# How much eggs does a silkie lay?



## soccerchicken12

Do silkies lay like a road island red,1 egg per day or do they lay less?


----------



## robopetz

This is via google:

At what age do silkie hens start laying and how many eggs will they lay?
Typically hens will start to lay when they are around 5-6 months of age and will approximately 200-300 eggs annually, based on the breed type.


----------



## soccerchicken12

How meany eggs do you get in a week from a silkie?


----------



## robopetz

My oldest silkie is about 5 mos so I'm still waiting got her first egg.


----------



## Energyvet

I get like one every other day.


----------



## jasmin

I have two silkies, both of which lay one small white egg early each morning. They have been laying like this for about 6 months now. I think on average, silkies aren't great layers but so far I'm pretty impressed with mine!


----------



## rob

i get the same as energyvet, one egg every other day from my silkie


----------



## Apyl

My black silkie was giving me an egg every day for like 3 days then stop a day or two them do 3 days in a row. My other silkies have yet to lay and they're coming up to a year old. BUT I did not supliment light this winter to keep my flock laying.


----------



## TheBackyardDonnellys17

A silkie will lay about 2-3 eggs per week.
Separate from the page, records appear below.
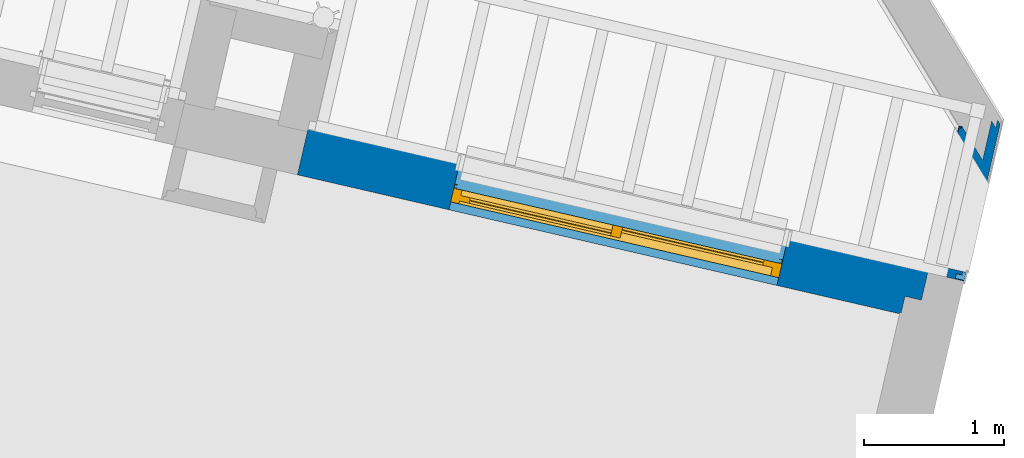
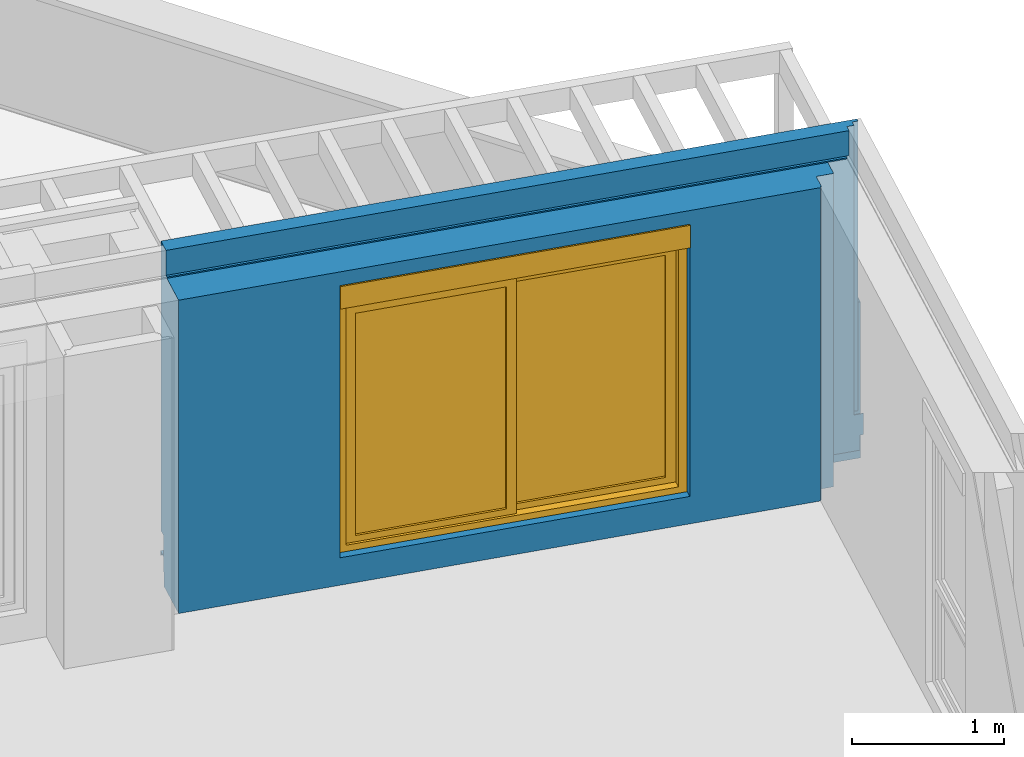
# One storey, part 36 of 62: 2 walls, 1 window, 1 opening.
"""IFC2X3 building model written with IfcOpenShell, lengths in metres."""

from ifc_helpers import new_model, entity, si_unit, converted_unit, derived_unit, money_unit, direction, frame, origin_with_axes, place, context, subcontext, project, spatial, open_shell, faceted_brep, surface_model, material, material_list, type_object, element, fill, save


model = new_model("IFC2X3")

# Units and contexts
model_context = context("Model", 3, precision=1e-05, world=origin_with_axes(), true_north=direction((0.0, 1.0)))
body_context = subcontext(model_context, "Body", "Model", "MODEL_VIEW")
ifc_project = project(units=[si_unit("LENGTHUNIT", "METRE"), si_unit("AREAUNIT", "SQUARE_METRE"), si_unit("VOLUMEUNIT", "CUBIC_METRE"), converted_unit("PLANEANGLEUNIT", "DEGREE", entity("IfcPlaneAngleMeasure", 0.0174532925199), si_unit("PLANEANGLEUNIT", "RADIAN"), dimensions=[0, 0, 0, 0, 0, 0, 0]), si_unit("SOLIDANGLEUNIT", "STERADIAN"), money_unit("EUR"), converted_unit("TIMEUNIT", "Year", entity("IfcTimeMeasure", 31556926.0), si_unit("TIMEUNIT", "SECOND"), dimensions=[0, 0, 1, 0, 0, 0, 0]), si_unit("MASSUNIT", "GRAM", prefix="KILO"), si_unit("THERMODYNAMICTEMPERATUREUNIT", "DEGREE_CELSIUS"), si_unit("LUMINOUSINTENSITYUNIT", "LUMEN"), si_unit("ENERGYUNIT", "JOULE", prefix="MEGA"), derived_unit("THERMALCONDUCTANCEUNIT", [(si_unit("POWERUNIT", "WATT"), 1), (si_unit("LENGTHUNIT", "METRE"), -1), (si_unit("THERMODYNAMICTEMPERATUREUNIT", "KELVIN"), -1)]), derived_unit("SPECIFICHEATCAPACITYUNIT", [(si_unit("ENERGYUNIT", "JOULE"), 1), (si_unit("MASSUNIT", "GRAM", prefix="KILO"), -1), (si_unit("THERMODYNAMICTEMPERATUREUNIT", "KELVIN"), -1)]), derived_unit("MASSDENSITYUNIT", [(si_unit("MASSUNIT", "GRAM", prefix="KILO"), 1), (si_unit("VOLUMEUNIT", "CUBIC_METRE"), -1)])], contexts=[model_context])

# Site, building, storey
site_placement = place(None, origin_with_axes())
site = spatial("IfcSite", under=ifc_project, at=site_placement, Name="Site", CompositionType="ELEMENT")
building_placement = place(site_placement, origin_with_axes())
building = spatial("IfcBuilding", under=site, at=building_placement, Name="Bâtiment", CompositionType="ELEMENT")
storey_placement = place(building_placement, frame((0.0, 0.0, 8.16), z_axis=(0.0, 0.0, 1.0), x_axis=(1.0, 0.0, 0.0)))
storey = spatial("IfcBuildingStorey", under=building, at=storey_placement, Name="R+3", CompositionType="ELEMENT", Elevation=8.16)

# Wall, opening, window
ifc_material_1 = material(Name="Finition int - Plaque de plâtre")
ifc_material_2 = material(Name="Isolation - Polystyrène extrudé")
ifc_material_3 = material(Name="Bloc ELITHERM")
ifc_material_4 = material(Name="Mortier")
ifc_material_5 = material(Name="Béton cellulaire")
ifc_material_6 = material(Name="Etanchéité - Bitume")
ifc_material_7 = material(Name="Bois - Lattage")
ifc_material_8 = material(Name="Finition ext - Bardage bois")
ifc_material_9 = material(Name="Métal - Aluminium")
ifc_material_list_1 = material_list([ifc_material_1, ifc_material_2, ifc_material_3, ifc_material_4, ifc_material_5, ifc_material_6, ifc_material_7, ifc_material_8, ifc_material_9])
wall_type_1 = type_object("IfcWallType", Name="Mur ALKERN + planelle 21 BARDAGE TERRASSE 403 x 2720", PredefinedType="USERDEFINED")
wall_1_placement = place(storey_placement, frame((1.22744784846, 12.8417526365, 0.0), z_axis=(0.0, 0.0, 1.0), x_axis=(-0.974387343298, 0.224876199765, 0.0)))
wall_1 = element("IfcWall", 1, at=wall_1_placement, inside=storey, type_object=wall_type_1, material=ifc_material_list_1, Name="Mue bloc ALKERN isolé", ObjectType="SOLIDWALL", context=body_context, shape_type="Brep", body=[
    faceted_brep([(0.359999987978, 0.399999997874, 0.0), (4.76539053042, 0.399999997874, 0.0), (4.76539053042, 0.399999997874, 2.51), (0.359999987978, 0.399999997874, 2.51), (3.65731715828, 0.399999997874, 2.4), (3.65731715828, 0.399999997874, 2.22), (3.65731715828, 0.399999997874, 0.22), (1.25731715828, 0.399999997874, 0.22), (1.25731715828, 0.399999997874, 2.22), (1.25731715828, 0.399999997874, 2.4), (0.359999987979, 0.410000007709, 0.0), (4.76539053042, 0.410000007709, 0.0), (4.76539053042, 0.410000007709, 2.51), (0.359999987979, 0.410000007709, 2.51), (3.65731715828, 0.410000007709, 2.4), (3.65731715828, 0.410000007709, 2.22), (3.65731715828, 0.410000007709, 0.22), (1.25731715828, 0.410000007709, 0.22), (1.25731715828, 0.410000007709, 2.22), (1.25731715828, 0.410000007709, 2.4)], [[[0, 1, 2, 3], [4, 5, 6, 7, 8, 9]], [[10, 11, 1, 0]], [[11, 12, 2, 1]], [[3, 2, 12, 13]], [[13, 10, 0, 3]], [[5, 4, 14, 15, 16, 6]], [[6, 16, 17, 7]], [[18, 19, 9, 8, 7, 17]], [[4, 9, 19, 14]], [[11, 10, 13, 12], [19, 18, 17, 16, 15, 14]]]),
    faceted_brep([(0.350000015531, 0.279999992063, 0.0), (4.76539053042, 0.279999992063, 0.0), (4.76539053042, 0.279999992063, 2.51), (0.350000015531, 0.279999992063, 2.51), (3.65731715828, 0.279999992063, 2.4), (3.65731715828, 0.279999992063, 2.22), (3.65731715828, 0.279999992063, 0.22), (1.25731715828, 0.279999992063, 0.22), (1.25731715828, 0.279999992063, 2.22), (1.25731715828, 0.279999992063, 2.4), (0.350000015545, 0.399999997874, 0.0), (4.76539053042, 0.399999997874, 0.0), (4.76539053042, 0.399999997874, 2.51), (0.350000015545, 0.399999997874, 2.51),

A really good website that's all about raising chickens is www.mypetchicken.com I got LOADS of info from there.


----------



## soccerchicken12

Iv been on that before can't figure out how to work it it all ways gos on the wrong thing.


----------



## realsis

Are you thinking of getting a silkie? Or do you have one? I have four. Three are too young to lay yet one just started laying at around 6 months. Silkies are wonderful chickens! I love mine. I love their nature! So loving!


----------



## soccerchicken12

I'm thinking of getting one.


----------



## robopetz

Be careful, you get one silkie then you want them all.


----------



## starsevol

Well, I think that realsis and a few others have dragged me over to the dark side.......
I did some research and found that silkies do fine with larger fowl....so in addition to a trio of egg laying princesses, I also want to get 2 or 3 silkies too!! 

Can't wait til May!!!


----------



## robopetz

Yay! I'm excited for you. So what colors did you want? Hahah I love the splash, I have a buff and a white that are spoiled rotten house pets.


----------



## starsevol

robopetz said:


> Yay! I'm excited for you. So what colors did you want? Hahah I love the splash, I have a buff and a white that are spoiled rotten house pets.


Color really doesn't matter much to me, I love allllllllll the colors! 
I just am hoping to find a local breeder (or buy from the hatchery that realsis did), and they have to be hens, and the same approx age as the other birds I get so I can introduce them all at the same time.


----------



## soccerchicken12

Cool! I'm getting chicks in the


----------



## soccerchicken12

Spring might get a silkie!


----------



## robopetz

Silkie silkie silkie!!!! Lol


----------